As described above scheduled messages are typically an indication of what happens between two distribution dates. If notifications are configured to be sent multiple times within two distribution dates, a message will be sent multiple times because the change is valid within the timespan that is being analyzed when the scheduled notifications are to be sent.
There might be several reason for a specifc schedule, typically its a question of wanting to react on registrations carried out
offline in a relatively fast manner.
For publications with a low distribution frequency, for instance once a month, it could be suitable to just schedule notification to be sent once a week or even once a month.
Infosoft can help you decide, but ultimately it comes down to the business requirements.
In any event, this is by design and the listener must handle repeated messages in some way.
The most common reason is that someone exported the production database to a test environment and forgot to remove the listener configuration. In which case your listener is now receiving data from the production and the test system.
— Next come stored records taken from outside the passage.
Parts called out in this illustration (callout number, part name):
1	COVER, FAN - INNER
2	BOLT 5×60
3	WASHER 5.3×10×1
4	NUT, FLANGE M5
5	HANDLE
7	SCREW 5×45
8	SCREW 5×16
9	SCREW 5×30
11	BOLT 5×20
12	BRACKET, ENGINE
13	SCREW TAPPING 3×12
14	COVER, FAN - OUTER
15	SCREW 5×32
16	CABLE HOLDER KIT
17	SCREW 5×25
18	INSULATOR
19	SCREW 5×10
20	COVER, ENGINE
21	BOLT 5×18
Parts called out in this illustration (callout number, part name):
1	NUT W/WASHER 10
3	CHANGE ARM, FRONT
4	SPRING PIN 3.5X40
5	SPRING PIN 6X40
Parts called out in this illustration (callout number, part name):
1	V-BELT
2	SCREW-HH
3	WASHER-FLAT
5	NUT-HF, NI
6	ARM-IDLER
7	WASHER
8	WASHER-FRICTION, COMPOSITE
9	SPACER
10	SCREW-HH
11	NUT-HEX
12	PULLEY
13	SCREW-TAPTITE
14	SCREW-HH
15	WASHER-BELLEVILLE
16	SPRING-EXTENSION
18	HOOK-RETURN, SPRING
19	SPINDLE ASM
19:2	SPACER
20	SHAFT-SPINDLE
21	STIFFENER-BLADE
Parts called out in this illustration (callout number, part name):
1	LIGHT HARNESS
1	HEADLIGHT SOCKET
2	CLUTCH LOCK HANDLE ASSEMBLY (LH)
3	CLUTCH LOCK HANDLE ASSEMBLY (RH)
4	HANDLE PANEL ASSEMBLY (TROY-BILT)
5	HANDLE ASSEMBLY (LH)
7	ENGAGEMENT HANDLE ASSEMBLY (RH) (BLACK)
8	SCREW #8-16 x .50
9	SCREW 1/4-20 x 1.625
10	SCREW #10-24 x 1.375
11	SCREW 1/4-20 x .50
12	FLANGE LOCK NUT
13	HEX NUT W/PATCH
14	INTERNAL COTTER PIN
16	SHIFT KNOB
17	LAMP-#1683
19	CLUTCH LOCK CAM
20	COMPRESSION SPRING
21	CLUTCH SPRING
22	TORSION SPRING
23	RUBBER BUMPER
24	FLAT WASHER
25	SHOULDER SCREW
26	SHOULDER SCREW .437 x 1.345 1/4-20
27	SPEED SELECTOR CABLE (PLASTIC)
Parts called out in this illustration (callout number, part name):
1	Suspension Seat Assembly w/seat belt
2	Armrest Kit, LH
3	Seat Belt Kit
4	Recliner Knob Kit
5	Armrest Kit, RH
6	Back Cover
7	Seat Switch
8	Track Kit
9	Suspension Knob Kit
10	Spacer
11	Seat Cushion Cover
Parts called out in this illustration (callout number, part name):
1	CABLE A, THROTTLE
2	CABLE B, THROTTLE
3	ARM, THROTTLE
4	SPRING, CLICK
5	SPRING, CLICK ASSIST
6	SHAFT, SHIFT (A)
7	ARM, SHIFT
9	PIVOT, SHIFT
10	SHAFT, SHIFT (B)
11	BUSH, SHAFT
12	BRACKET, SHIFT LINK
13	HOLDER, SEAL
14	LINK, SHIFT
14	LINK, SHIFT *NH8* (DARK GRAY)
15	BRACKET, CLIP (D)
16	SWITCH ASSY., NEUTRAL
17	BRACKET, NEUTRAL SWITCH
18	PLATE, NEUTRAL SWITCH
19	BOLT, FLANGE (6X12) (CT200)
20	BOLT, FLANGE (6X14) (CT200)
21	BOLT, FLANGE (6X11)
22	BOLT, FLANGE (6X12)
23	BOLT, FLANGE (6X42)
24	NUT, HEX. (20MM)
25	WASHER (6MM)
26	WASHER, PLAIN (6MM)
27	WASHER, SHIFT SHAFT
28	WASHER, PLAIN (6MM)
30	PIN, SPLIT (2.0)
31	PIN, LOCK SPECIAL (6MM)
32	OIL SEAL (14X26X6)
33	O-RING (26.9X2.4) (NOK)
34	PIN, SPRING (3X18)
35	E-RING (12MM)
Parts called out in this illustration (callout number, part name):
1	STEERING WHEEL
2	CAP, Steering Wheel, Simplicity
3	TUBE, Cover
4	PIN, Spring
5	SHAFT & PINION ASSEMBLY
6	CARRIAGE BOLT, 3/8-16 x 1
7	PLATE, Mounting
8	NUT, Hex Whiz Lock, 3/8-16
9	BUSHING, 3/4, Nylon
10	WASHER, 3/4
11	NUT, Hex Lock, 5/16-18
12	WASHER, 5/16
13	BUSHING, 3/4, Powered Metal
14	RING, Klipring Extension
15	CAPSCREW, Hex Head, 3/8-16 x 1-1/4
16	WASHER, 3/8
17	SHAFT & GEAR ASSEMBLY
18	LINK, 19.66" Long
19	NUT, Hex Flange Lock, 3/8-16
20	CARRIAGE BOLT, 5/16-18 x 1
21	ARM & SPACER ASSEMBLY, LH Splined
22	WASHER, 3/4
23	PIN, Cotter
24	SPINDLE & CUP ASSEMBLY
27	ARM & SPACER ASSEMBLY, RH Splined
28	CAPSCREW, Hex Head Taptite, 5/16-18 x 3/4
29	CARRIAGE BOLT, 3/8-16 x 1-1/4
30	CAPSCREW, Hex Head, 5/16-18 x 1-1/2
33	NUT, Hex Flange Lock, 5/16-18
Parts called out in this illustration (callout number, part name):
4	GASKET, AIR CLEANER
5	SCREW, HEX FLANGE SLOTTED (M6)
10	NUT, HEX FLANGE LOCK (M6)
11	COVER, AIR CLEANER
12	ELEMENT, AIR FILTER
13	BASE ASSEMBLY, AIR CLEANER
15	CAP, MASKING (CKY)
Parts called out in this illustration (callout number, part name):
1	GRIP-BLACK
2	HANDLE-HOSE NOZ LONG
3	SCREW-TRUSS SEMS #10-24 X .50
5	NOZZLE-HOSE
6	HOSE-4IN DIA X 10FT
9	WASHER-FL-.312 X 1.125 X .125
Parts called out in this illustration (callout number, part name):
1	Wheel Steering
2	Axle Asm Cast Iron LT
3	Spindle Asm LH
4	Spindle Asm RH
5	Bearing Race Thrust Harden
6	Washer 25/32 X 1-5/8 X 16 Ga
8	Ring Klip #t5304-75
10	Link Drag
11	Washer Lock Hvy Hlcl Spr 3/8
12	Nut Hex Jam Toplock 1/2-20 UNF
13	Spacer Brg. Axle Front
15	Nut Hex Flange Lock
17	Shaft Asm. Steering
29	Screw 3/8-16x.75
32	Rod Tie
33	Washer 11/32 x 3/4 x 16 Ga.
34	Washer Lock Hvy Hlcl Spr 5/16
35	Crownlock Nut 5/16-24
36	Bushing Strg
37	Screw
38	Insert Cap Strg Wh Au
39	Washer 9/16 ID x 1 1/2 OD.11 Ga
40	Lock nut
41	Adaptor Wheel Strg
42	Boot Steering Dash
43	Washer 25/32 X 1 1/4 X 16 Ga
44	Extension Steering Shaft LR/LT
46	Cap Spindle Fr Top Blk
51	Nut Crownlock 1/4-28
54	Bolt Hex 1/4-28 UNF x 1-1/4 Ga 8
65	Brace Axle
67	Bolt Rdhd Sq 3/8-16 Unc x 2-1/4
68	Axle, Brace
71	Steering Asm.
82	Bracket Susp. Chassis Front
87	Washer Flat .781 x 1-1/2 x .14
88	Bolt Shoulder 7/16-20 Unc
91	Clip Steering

Another common reason for this is simply that a publication/title has been stopped and maintenance is not being done for that publication any longer.
The solution is simply to ignore messages for that title, or better yet have someone archive the title and its data to a different database and remove it from the production system.
Messages arrives for all titles, the notification system is not configured on a title by title basis as some events relate to customer entities. The listener just have to ignore titles it is not interessted in.
First of: refer to the section about troubleshooting and logging for how to enable general logging.
It is possible to enable logging on the scheduler and wait for another round of messages to be sent. This is the recommended approach if you want to know what is being sent in a production environment.
The recommended approach for testing is to install Fiddler (or a similar HTTP sniffer) and on the administrative client do a manual execution of the event type you need to test. If you are unable to install Fiddler, the administrative client can be configured to log messages just the same as the scheduler.
As you might have noticed the notifications system is rather primitive. It is not a fully fledged Publish-Subscribe solution nor is it a great externally exposed Event Sourcing mechanism.
There is no way to acknoweldge that a message has been received (or failed), and no way for the notification mechanism to filter messages already sent. Thus each listener should be able to deal with the fact that some messages might arrive often!
The main reasoning so far has been to keep the system simple in order to reducethe likelyhood for errors, and there are usually more effective ways of achieving the same thing that the event system does.
The secondary reasoning being that doing it
properly would require expensive architectural changes with no real benefits.